In this study, we proposed and evaluated a deep learning technique for refining four-dimensional magnetic resonance imaging (4D-MRI) in the post-processing stage. More specifically, we designed an implicit temporal-compensated adversarial network (ITAN) based on the intrinsic property of 4D-MRI to improve image quality with neighboring phases. It can overcome its inherent challenges of data deficiency, misalignment between training pairs, and complex texture details. The qualitative and quantitative results demonstrated that the proposed model can suppress the noise and artifacts in 4D-MR images, recover the missing details and perform better than a state-of-the-art method.

Introduction

Four-dimensional magnetic resonance imaging (4D-MRI) has shown great potential in motion management, target delineation, and treatment planning1. However, most 4D-MRI techniques are still at the investigation stage and have several deficiencies. Current prospective 4D-MR images suffer from insufficient image quality, e.g., limited spatial resolution, relatively low signal-to-noise ratio (SNR), motion artifacts caused by breathing variations, and failure to show anatomical structures in detail, which greatly hindered its application in real clinic2. Therefore, high-quality (HQ) 4D-MRI is warranted for the clinical adoption of 4D-MRI. One solution to generate HQ 4D-MR images is to refine low-quality (LQ) 4D-MRI images by capturing perceptually important image features and texture details from referenced HQ images. Recently, deep learning (DL) has snowballed and verified its feasibility in upgrading the quality of images3,4. However, existing DL-based models mainly aim at natural images instead of medical ones (more specifically, 4D-MR images) and fail to consider temporal information of 4D-MRI. For 4D-MR images, enhancement is more challenging: 1) training samples are relatively scarce which will easily lead to under-fitting/over-fitting; 2) the 4D-MR image and its corresponding HQ MR image are not perfectly matched due to significant motion; 3) abdominal 4D-MRI obtains abundant texture details and varied intensity distribution. Therefore, pioneering models such as enhanced deep super-resolution network (EDSR) 5 with pixel-wise L1 or L2 norm-based loss functions may not work well and are prone to over-smoothing. In this study, we propose a more sophisticated DL model for abdominal 4D-MRI to improve its overall quality via implicit temporal compensation.

Methods

The dataset used for training and testing the proposed network contains 32 liver cancer patients undergoing radiotherapy. The study protocol is approved by the institutional review board. Each patient underwent 4D-MRI using the TWIST volumetric interpolated breath-hold examination (TWIST-VIBE) MRI sequence. The corresponding HQ images are regular T1w (breath-hold) 3D MRI scan. In the thirty-two patients, 27 cases are used as training, while the others are used for testing. The original 4D-MR images are sorted into respiratory-correlated phases according to the body area. For each training pair, we choose the phase closest to the HQ counterpart as the target phase with its two neighboring phases and use Elastix6 to align HQ images and LQ 4D-MRI images.

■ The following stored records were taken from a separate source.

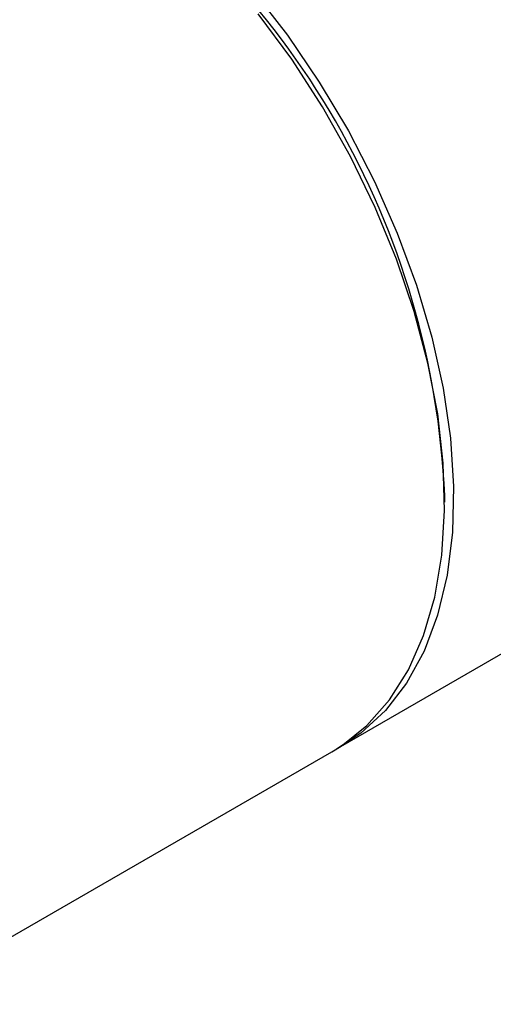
# Model space of a CAD drawing. Header units: millimetres. Extents: x 3 to 429, y 3 to 277.
# Tile 21 of 27: x 226 to 241, y 176 to 207. Entities that reach past the tile are written whole.
import ezdxf

# ---------------------------------------------------------------- set-up
doc = ezdxf.new("R2010")
doc.units = ezdxf.units.MM

msp = doc.modelspace()

# ---------------------------------------------------------------- linework, layer by layer
at = {"color": 7, "linetype": 'Continuous', "lineweight": 25}
for p, q in [((236.086, 183.684), (256.133, 195.257)), ((239.377, 191.419), (239.377, 191.623)), ((221.944, 175.52), (235.803, 183.521))]:
    msp.add_line(p, q, dxfattribs=at)
at = {"color": 7, "linetype": 'Continuous', "lineweight": 25, "flags": 128}
for points in [[(233.305, 207.615), (234.392, 206.214), (235.403, 204.731), (236.327, 203.18), (237.154, 201.579), (237.875, 199.946), (238.482, 198.299), (238.968, 196.655), (239.328, 195.033), (239.558, 193.45), (239.656, 191.923), (239.62, 190.47), (239.451, 189.107), (239.15, 187.847), (238.721, 186.706), (238.169, 185.695), (237.5, 184.826), (236.72, 184.109), (235.944, 183.605)], [(235.803, 183.521), (236.092, 183.699), (236.913, 184.353), (237.628, 185.162), (238.229, 186.116), (238.708, 187.206), (239.061, 188.419), (239.284, 189.742), (239.375, 191.16), (239.331, 192.659), (239.155, 194.221), (238.847, 195.83), (238.412, 197.467), (237.853, 199.115), (237.177, 200.756), (236.392, 202.372), (235.506, 203.945), (234.529, 205.458), (233.471, 206.894)]]:
    msp.add_lwpolyline(points, dxfattribs=at)
at = {"color": 7, "linetype": 'Continuous', "lineweight": 25}
msp.add_arc((213.353, 190.478), 26.049, 2.5179, 57.4767, dxfattribs=at)

doc.saveas('drawing.dxf')

A detailed demonstration of the implicit temporal-compensated adversarial network (ITAN) is presented in Figure 1. Due to limited training samples and hardware capacity, ITAN is designed as a two-dimensional model for slice-by-slice enhancement. The architecture of the ITAN model takes advantage of conditional-GAN (cGAN)7 to learn an accurate mapping from the original 4D-MRI to its corresponding HR counterpart, which can overcome the potential mismatch of the training image pairs. The overall framework has two networks, a generator and a discriminator. The generator adopts a temporal-compensated strategy for diverse feature learning composed of three key modules: deblur block, align block, and TSA block. The slices of multiple phases are first fed into a deblur block containing stacked residual blocks to extract features and suppress motion artifacts. Subsequently, we use the deformable convolution in the align block to make implicit alignment at the feature level to achieve the interphase compensation. Afterwards, the aligned features are passed through the TSA block to aggregate information adaptively. The TSA block adopts temporal and spatial attention mechanisms to fully excavate the inter-phase temporal relations and intra-phase spatial features. Finally, the enhanced image is obtained by adding the predicted image residual to the original target phase image. The discriminator is based on a U-Net architecture.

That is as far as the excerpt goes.